Department of Dairy Science, University of Wisconsin-Madison, Madison, WI 53706, USA.
Anim Genet. 2012 Dec;43(6):674-82. doi: 10.1111/j.1365-2052.2012.02325.x. Epub 2012 Feb 8.
It has become increasingly clear that the mammalian genomes produce many long non-coding RNAs (lncRNAs). Accumulating evidence suggests important functions for lncRNAs in a variety of biological processes. However, little is known about lncRNA identity and characteristics in cattle. Using public bovine-specific expressed sequence tags sequences, we reconstructed transcript assemblies, from which reference sequences were obtained for RNAs. Intergenic regions with evidence of transcription were screened for putative lncRNAs using the combination of a gene-finding program and a support vector machine-based tool for the calculation of protein-coding potential. A total of 449 putative lncRNAs located in 405 intergenic regions were identified. Characterization of these putative bovine lncRNAs suggests that they are generally expressed in a tissue-specific manner, their GC contents are higher than randomly selected intergenic sequences but are lower than protein-coding genes, and they are moderately conserved among mammals. This is the first genome-wide catalogue of putative intergenic lncRNAs in cattle and provides important targets for functional studies.

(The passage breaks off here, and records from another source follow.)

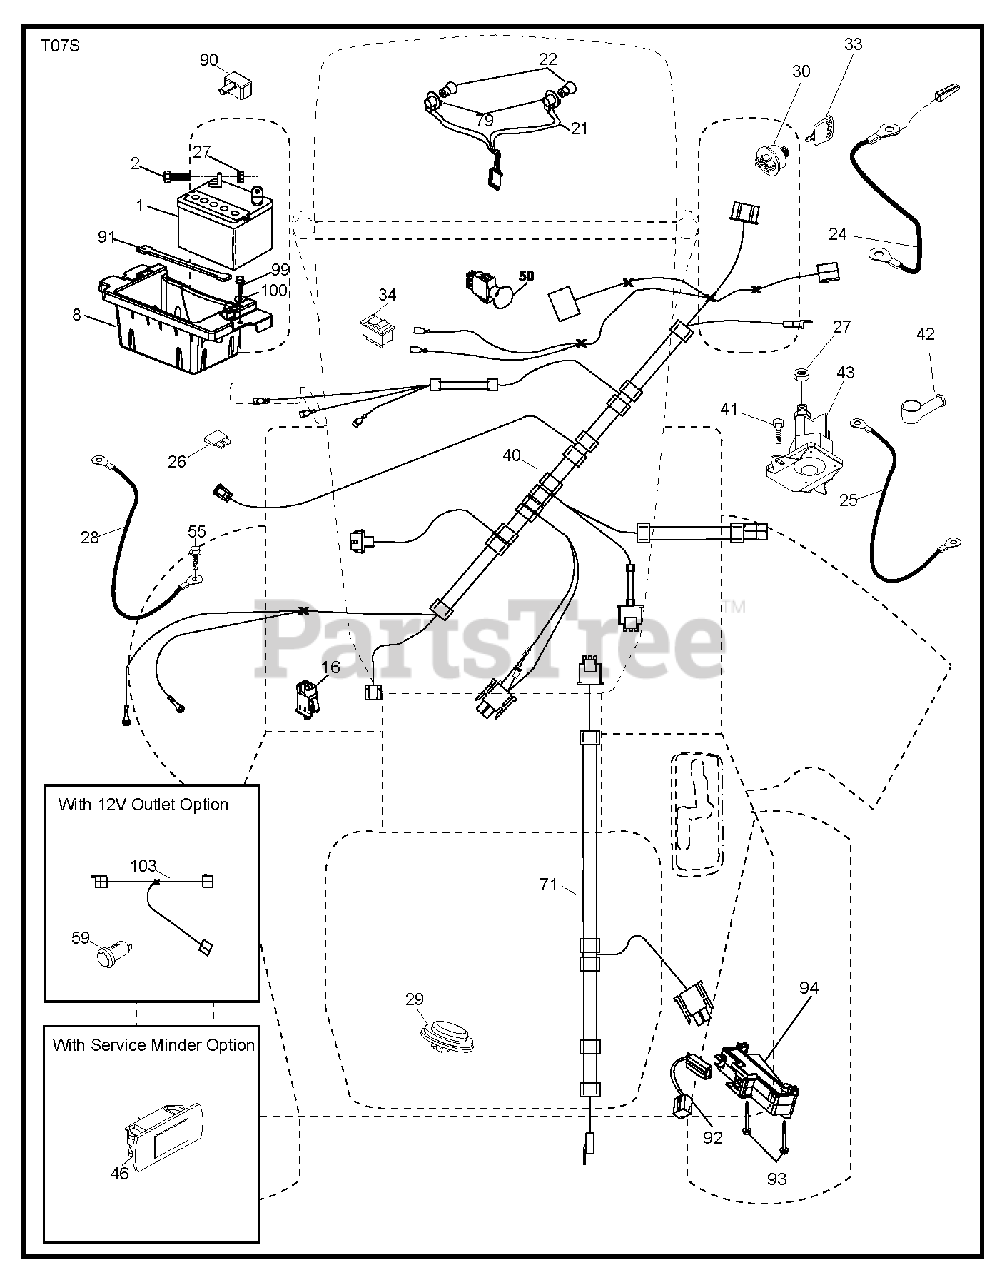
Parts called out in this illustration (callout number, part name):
1	BATTERY.DRY.30.AMP
2	BOLT.HEX.1/4.X.3/4.DICHROMATE
8	BOX.BATTERY.MOUNT.FRONT.LT
16	SWITCH INTERLOOK PUSH-IN
21	HARNESS.LIGHT W/4152J BULBS
24	CABLE.BATT.POS.WIRE.TG.DA SOL
25	CABLE.STARTER.6G.BL/RED.17.5
26	FUSE 20AMP
27	NUT
28	CABLE GROUND 6 GA 21" 90T BLK
29	SWITCH.SEAT.DELTA.OPC.
30	SWITCH.IGN.DELTA.W.LGH.ROS
33	KEY.CHAIN.BLISTER.PACK.GEN.USA
40	HARNESS.IGN.DASH.HUQ/P
41	SCREW
42	TERMINAL COVER
43	SOLENOID.W/BRASS.PLUNGER
46	RP GUAGE.SRVCMNDR.HRMTR.
50	RP SWTICH.PTO.8.TERMINAL
55	SCREW 5/16"
59	OUTLET.12-VOLT
71	HARNESS-CHASSIS SUB
79	BULB HOLDER ASM.
90	COVER.TERMINAL.BATTERY
91	STRAP.BATTERY.MOUNT.FRONT(2 2)
92	HARNESS.PIGTAIL.CONSLE
93	SCREW.PLASTITE
94	MODULE.REVERSE.ROS
99	SCREW HEXWSHR 1/4-20X3/4
103	HARNESS PIGTAIL 12V OUTLET

越来越明显的是,哺乳动物基因组产生了许多长非编码 RNA(lncRNA)。越来越多的证据表明,lncRNA 在多种生物过程中具有重要功能。然而,关于牛的 lncRNA 身份和特征知之甚少。使用公共牛特异性表达序列标签序列,我们重建了转录物组装,从中获得了 RNA 的参考序列。使用基因发现程序和基于支持向量机的工具组合,对具有转录证据的基因间区进行筛选,以寻找推定的 lncRNA,用于计算编码蛋白的潜力。总共鉴定出 449 个位于 405 个基因间区的推定牛 lncRNA。对这些推定的牛 lncRNA 的特征分析表明,它们通常以组织特异性方式表达,其 GC 含量高于随机选择的基因间序列,但低于编码蛋白的基因,并且在哺乳动物中具有中等保守性。这是牛中第一个全基因组推定基因间 lncRNA 目录,为功能研究提供了重要目标。